Jesus Christ come, brother, and he granted them a mission to go out. He sent them out, brother, two by two. And he give them power, hallelu, to cleanse the leprosy and raise the dead and give sight to the blind, heal the lame, heal every kind of disease there was. Jesus give them the power to do it. Why there ain't no power like God's power.

Have you got the Holy Ghost? Huh? Yeah. You got the greatest power in you that's in the whole world. Right inside that body is the greatest power that's ever been known to man, is God himself. You that's got the Holy Ghost has got it in you. It's your fault for not usin' it. It's not God's fault. God give it to you to use, and if you don't want to get in shape to use it—hey listen, hold it, hold, let me tell your mind, listen to me.
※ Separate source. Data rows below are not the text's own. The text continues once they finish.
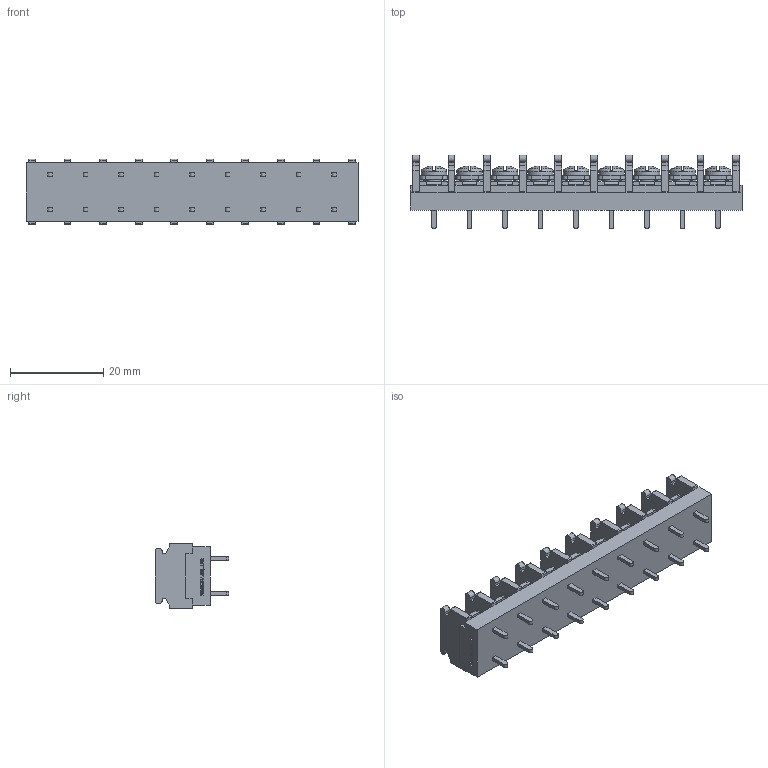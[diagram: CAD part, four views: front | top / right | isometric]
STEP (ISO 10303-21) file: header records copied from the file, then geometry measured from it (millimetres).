
FILE_DESCRIPTION(/* description */ ('Alibre Inc.'),/* implementation_level */ '2;1');
FILE_NAME(/* name */ 'export0',/* time_stamp */ '2015-10-23T20:19:16+09:00',/* author */ (''),/* organization */ (''),/* preprocessor_version */ 'ST-DEVELOPER v14',/* originating_system */ 'Alibre',/* authorisation */ '');
FILE_SCHEMA (('CONFIG_CONTROL_DESIGN'));
Length unit declared in the file: centimetre
Products named in the file (1): ID_1
Bounding box: 71.2 x 15.8 x 14 mm (x, y, z)
Volume: 6761.5 mm3; surface area: 6524.6 mm2
Topology: 1 solids, 1 shells, 1455 faces, 3974 edges, 2606 vertices
Faces by surface type: plane 1129, cylinder 150, bspline 104, cone 36, torus 18, sphere 18
Full cylindrical faces by diameter (mm): 3 x9, 5.5 x9
Entity records: 43609 total; most frequent: CARTESIAN_POINT 9234, ORIENTED_EDGE 7840, DIRECTION 5516, EDGE_CURVE 3920, VECTOR 2872, LINE 2872, VERTEX_POINT 2588, AXIS2_PLACEMENT_3D 1842
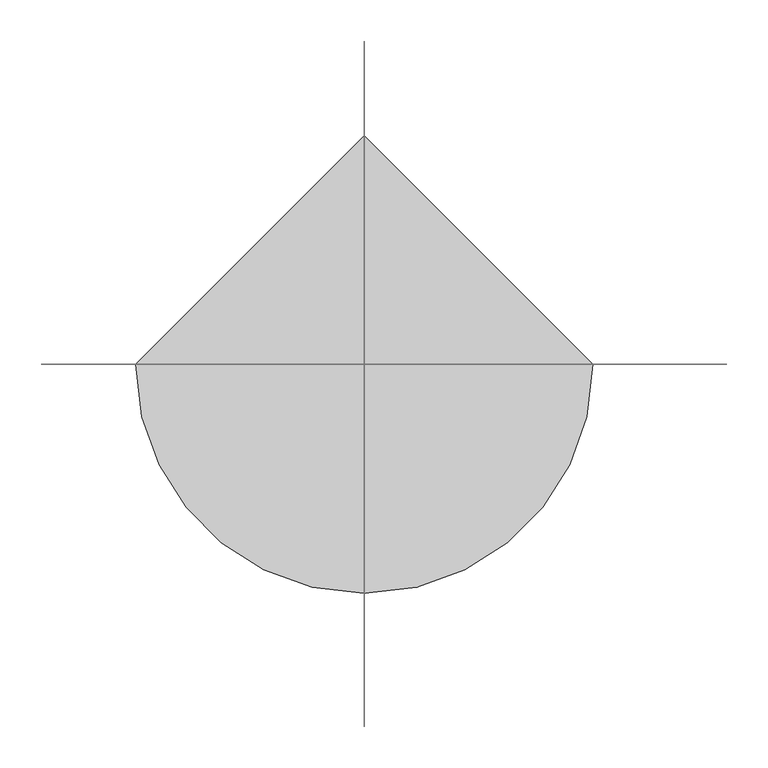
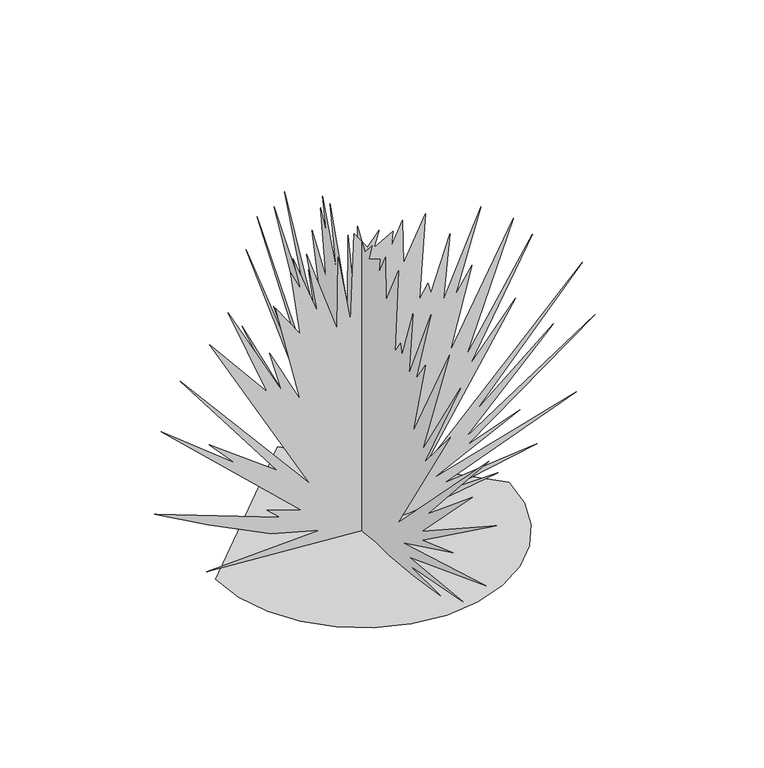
"""IFC4 building model written with IfcOpenShell, lengths in millimetres: geographic element geometry, RPC Vegetação - Tropical : Iuca - 0,6 metros."""

from ifc_helpers import new_model, si_unit, origin, place, context, project, spatial, triangles, source, transform, mapped, element, save


def geographic_element_3415abb8(model_context):
    return source(origin(), model_context, "Body", "Tessellation", [
        triangles([(0.1799897, -5.7252047, 0.0), (0.1800089, 294.2752427, 20.8333418), (0.1799966, 80.3860635, 29.1667744), (0.1800035, 172.052634, 54.1667927), (0.1800144, 292.8852294, 115.2778473), (0.1800237, 392.885321, 170.8333952), (0.1800042, 155.3861186, 81.9445621), (0.180007, 180.386137, 104.166834), (0.1800018, 115.1083446, 81.9445621), (0.1800325, 380.3853209, 331.9452544), (0.1800176, 241.4971961, 220.8334319), (0.1800237, 290.1077282, 273.610225), (0.1800103, 160.9416298, 177.7779023), (0.1800356, 344.2752794, 419.4453278), (0.1800038, 99.8305798, 130.555603), (0.1800355, 288.7202402, 473.6103719), (0.1800212, 180.386137, 341.6677714), (0.1800365, 253.9977048, 525.00044), (0.1800191, 152.6083812, 334.7227738), (0.1800253, 174.8306439, 416.6678447), (0.1800152, 117.8860911, 304.167753), (0.1800298, 163.7193854, 502.7779229), (0.1800231, 117.8860911, 436.1103353), (0.1800318, 135.9416114, 563.8904717), (0.1800283, 116.4970952, 525.00044), (0.180033, 130.3861093, 590.2779599), (0.180023, 84.5525697, 468.0553694), (0.1800315, 105.3860819, 590.2779599), (0.1800179, 47.0527875, 420.8328521), (0.1800264, 45.663787, 563.8904717), (0.1800169, 22.052617, 427.7778497), (0.1800267, 15.1081371, 600.0004769), (0.1800231, -9.8918086, 563.8904717), (0.1800233, -32.1140259, 590.2779599), (0.180022, -22.3918427, 558.3329621), (0.1800211, -58.503047, 579.1679549), (0.1800196, -55.7252959, 551.3904353), (0.1800209, -76.5585628, 594.4454744), (0.1800157, -77.9475587, 508.3329254), (0.1800183, -119.6140924, 593.0554793), (0.1800089, -108.5030882, 425.0003303), (0.1800095, -125.1698489, 451.3903619), (0.180008, -130.7253601, 430.5553328), (0.1800121, -166.8363826, 536.110445), (0.1800052, -154.3363825, 408.3328156), (0.1800106, -225.1696861, 569.4454742), (0.180004, -176.5586453, 411.1103351), (0.180005, -208.5031707, 458.3328524), (0.179998, -166.8363826, 300.0002385), (0.1800043, -286.2802365, 525.00044), (0.1799951, -197.3919122, 281.9452359), (0.1799995, -322.3927488, 480.5554058), (0.1799934, -204.3364192, 261.1102067), (0.1799944, -290.4477329, 363.8902885), (0.1799882, -118.2253418, 87.5000733), (0.1799886, -416.8378198, 391.6678082), (0.1799871, -215.4476778, 165.277884), (0.1799856, -362.6703049, 287.5002384), (0.1799854, -196.0031525, 118.0555938), (0.1799804, -440.4478612, 277.7777214), (0.1799843, -198.7809081, 101.3890784), (0.1799804, -298.7802366, 137.5001101), (0.1799855, -134.8918572, 58.333299), (0.179974, -405.725344, 136.1111142), (0.1799833, -155.7253784, 41.6667836), (0.1799738, -330.7252707, 58.333299), (0.1799822, -157.11412, 25.0000206), (0.1799763, -257.1152108, 26.3890211), (0.1799808, -168.2253785, 12.5000103), (0.1799851, -87.669567, 4.1666533), (0.1799877, -43.2252867, 4.1666533), (-277.616067, 0.0, 0.0922626), (-270.2710575, -63.6563025, 0.0922626), (-249.3550376, -122.1146029, 0.0922626), (-216.5405072, -173.699899, 0.0922626), (-173.5032359, -216.7371703, 0.0922626), (-121.9179307, -249.5517008, 0.0922626), (-63.4596303, -270.4677206, 0.0922626), (0.1966832, -277.8127301, 0.0922626), (63.8529748, -270.4677206, 0.0922626), (122.3112752, -249.5517008, 0.0922626), (173.8965621, -216.7371703, 0.0922626), (216.9338335, -173.699899, 0.0922626), (249.7483639, -122.1146029, 0.0922626), (270.6643837, -63.6563025, 0.0922626), (278.0093933, 2.43e-05, 0.0922626), (0.1966346, 277.8127301, 0.0922626), (5.9218758, 0.016681, 0.0), (-294.0785796, 0.0166798, 20.8333418), (-80.1893913, 0.0166793, 29.1667744), (-171.8562252, 0.0166778, 54.1667927), (-292.6885663, 0.0166741, 115.2778473), (-392.6886397, 0.0166708, 170.8333952), (-155.1894555, 0.0166761, 81.9445621), (-180.1894738, 0.0166748, 104.166834), (-114.9116723, 0.0166761, 81.9445621), (-380.1886396, 0.0166612, 331.9452544), (-241.3005329, 0.0166679, 220.8334319), (-289.9110651, 0.0166647, 273.610225), (-160.7449667, 0.0166704, 177.7779023), (-344.0785981, 0.016656, 419.4453278), (-99.6339076, 0.0166732, 130.555603), (-288.5235771, 0.0166528, 473.6103719), (-180.1894738, 0.0166607, 341.6677714), (-253.8010417, 0.0166497, 525.00044), (-152.411718, 0.0166611, 334.7227738), (-174.6339808, 0.0166562, 416.6678447), (-117.6894188, 0.0166629, 304.167753), (-163.5227222, 0.016651, 502.7779229), (-117.6894188, 0.016655, 436.1103353), (-135.7449392, 0.0166474, 563.8904717), (-116.300423, 0.0166497, 525.00044), (-130.1894371, 0.0166458, 590.2779599), (-84.3558975, 0.0166531, 468.0553694), (-105.1894097, 0.0166458, 590.2779599), (-46.8561152, 0.0166559, 420.8328521), (-45.4671148, 0.0166474, 563.8904717), (-21.855947, 0.0166555, 427.7778497), (-14.911491, 0.0166453, 600.0004769), (10.0885046, 0.0166474, 563.8904717), (32.3106959, 0.0166458, 590.2779599), (22.5885127, 0.0166477, 558.3329621), (58.6997192, 0.0166465, 579.1679549), (55.9219681, 0.0166481, 551.3904353), (76.755235, 0.0166456, 594.4454744), (78.1442309, 0.0166507, 508.3329254), (119.8107646, 0.0166457, 593.0554793), (108.6997604, 0.0166557, 425.0003303), (125.3665211, 0.0166541, 451.3903619), (130.9220323, 0.0166553, 430.5553328), (167.0330458, 0.0166491, 536.110445), (154.5330457, 0.0166567, 408.3328156), (225.3663493, 0.0166471, 569.4454742), (176.7553084, 0.0166565, 411.1103351), (208.6998339, 0.0166537, 458.3328524), (167.0330458, 0.0166631, 300.0002385), (286.4768997, 0.0166497, 525.00044), (197.5885753, 0.0166642, 281.9452359), (322.5894301, 0.0166524, 480.5554058), (204.5330824, 0.0166655, 261.1102067), (290.644396, 0.0166593, 363.8902885), (118.422014, 0.0166758, 87.5000733), (417.0345011, 0.0166577, 391.6678082), (215.6443409, 0.0166712, 165.277884), (362.8669862, 0.0166639, 287.5002384), (196.1998156, 0.016674, 118.0555938), (440.6445425, 0.0166645, 277.7777214), (198.9775712, 0.016675, 101.3890784), (298.9768998, 0.0166728, 137.5001101), (135.0885294, 0.0166776, 58.333299), (405.9220253, 0.0166729, 136.1111142), (155.9220416, 0.0166785, 41.6667836), (330.9219521, 0.0166776, 58.333299), (157.3107831, 0.0166795, 25.0000206), (257.3118739, 0.0166795, 26.3890211), (168.4220417, 0.0166803, 12.5000103), (87.8662392, 0.0166808, 4.1666533), (43.4219589, 0.0166808, 4.1666533)], [[68, 67, 69], [69, 67, 70], [64, 63, 65], [62, 61, 63], [58, 57, 59], [56, 55, 57], [57, 55, 59], [52, 51, 53], [50, 49, 51], [48, 47, 49], [46, 45, 47], [47, 45, 49], [40, 39, 41], [36, 35, 37], [34, 33, 35], [28, 27, 29], [26, 25, 27], [24, 23, 25], [22, 21, 23], [20, 19, 21], [16, 15, 17], [12, 11, 13], [10, 9, 11], [11, 9, 13], [8, 7, 9], [2, 1, 3], [66, 65, 67], [67, 65, 70], [65, 63, 70], [60, 59, 61], [61, 59, 63], [59, 55, 63], [63, 55, 70], [54, 53, 55], [53, 51, 55], [51, 49, 55], [49, 45, 55], [44, 43, 45], [45, 43, 55], [43, 42, 55], [42, 41, 55], [55, 41, 70], [41, 39, 70], [70, 39, 71], [39, 38, 71], [38, 37, 71], [37, 35, 71], [71, 35, 1], [35, 33, 1], [33, 32, 1], [18, 17, 19], [17, 15, 19], [19, 15, 21], [14, 13, 15], [13, 9, 15], [6, 5, 7], [5, 4, 7], [4, 3, 7], [7, 3, 9], [9, 3, 15], [21, 15, 23], [23, 15, 25], [25, 15, 27], [15, 3, 27], [27, 3, 29], [3, 1, 29], [29, 1, 30], [30, 1, 31], [1, 32, 31], [86, 87, 72], [85, 86, 72], [85, 72, 73], [84, 85, 73], [84, 73, 74], [84, 74, 75], [83, 84, 75], [82, 83, 75], [82, 75, 76], [82, 76, 77], [82, 77, 78], [82, 78, 79], [82, 79, 80], [82, 80, 81], [154, 155, 156], [154, 156, 157], [150, 151, 152], [148, 149, 150], [144, 145, 146], [142, 143, 144], [142, 144, 146], [138, 139, 140], [136, 137, 138], [134, 135, 136], [132, 133, 134], [132, 134, 136], [126, 127, 128], [122, 123, 124], [120, 121, 122], [114, 115, 116], [112, 113, 114], [110, 111, 112], [108, 109, 110], [106, 107, 108], [102, 103, 104], [98, 99, 100], [96, 97, 98], [96, 98, 100], [94, 95, 96], [88, 89, 90], [152, 153, 154], [152, 154, 157], [150, 152, 157], [146, 147, 148], [146, 148, 150], [142, 146, 150], [142, 150, 157], [140, 141, 142], [138, 140, 142], [136, 138, 142], [132, 136, 142], [130, 131, 132], [130, 132, 142], [129, 130, 142], [128, 129, 142], [128, 142, 157], [126, 128, 157], [126, 157, 158], [125, 126, 158], [124, 125, 158], [122, 124, 158], [122, 158, 88], [120, 122, 88], [119, 120, 88], [104, 105, 106], [102, 104, 106], [102, 106, 108], [100, 101, 102], [96, 100, 102], [92, 93, 94], [91, 92, 94], [90, 91, 94], [90, 94, 96], [90, 96, 102], [102, 108, 110], [102, 110, 112], [102, 112, 114], [90, 102, 114], [90, 114, 116], [88, 90, 116], [88, 116, 117], [88, 117, 118], [119, 88, 118]], closed=False),
    ])


if __name__ == "__main__":
    model = new_model("IFC4")
    model_context = context("Model", 3, world=origin())
    ifc_project = project(units=[si_unit("LENGTHUNIT", "METRE", prefix="MILLI")], contexts=[model_context])
    site = spatial("IfcSite", under=ifc_project)
    building = spatial("IfcBuilding", under=site)
    placement = place(None, origin())
    geographic_element_shape = geographic_element_3415abb8(model_context)
    element("IfcGeographicElement", 1, ObjectType="RPC Vegetação - Tropical : Iuca - 0,6 metros", at=placement, inside=building, context=model_context, shape_type="MappedRepresentation", body=[
        mapped(geographic_element_shape, transform((0.0, 0.0, 0.0), x_axis=(1.0, 0.0, 0.0), y_axis=(0.0, 1.0, 0.0), z_axis=(0.0, 0.0, 1.0))),
    ])
    save(model, "model.ifc")

God give me the gift of ministry, the preachin' the word. I can't read, I know that; but, wait, when God moves on me, I can preach. God give me that gift. It's in me. I'll preach on the street corner, I'll preach on top of this building, I'll preach anywhere that God—hallelujah, I'll preach it right in the Devil's face. I don't care. But God expects me, me, me, myself to live the life to be proud of there to do that job.

When I hear such affirmations of belief by sign followers and observe their confronting death in confirming it, I am struck with awe. At the same time, I am aware that the world in general sees sign followers as simply snake handlers, and "how unworthy a thing" it makes of them. Although it cries out against them, as Matthew Arnold describes in another context, "Your faith is now / But a dead time's exploded dream"—that world, ironically, is largely one of "light half-believers of our casual creeds, / Who never deeply felt, nor clearly will'd."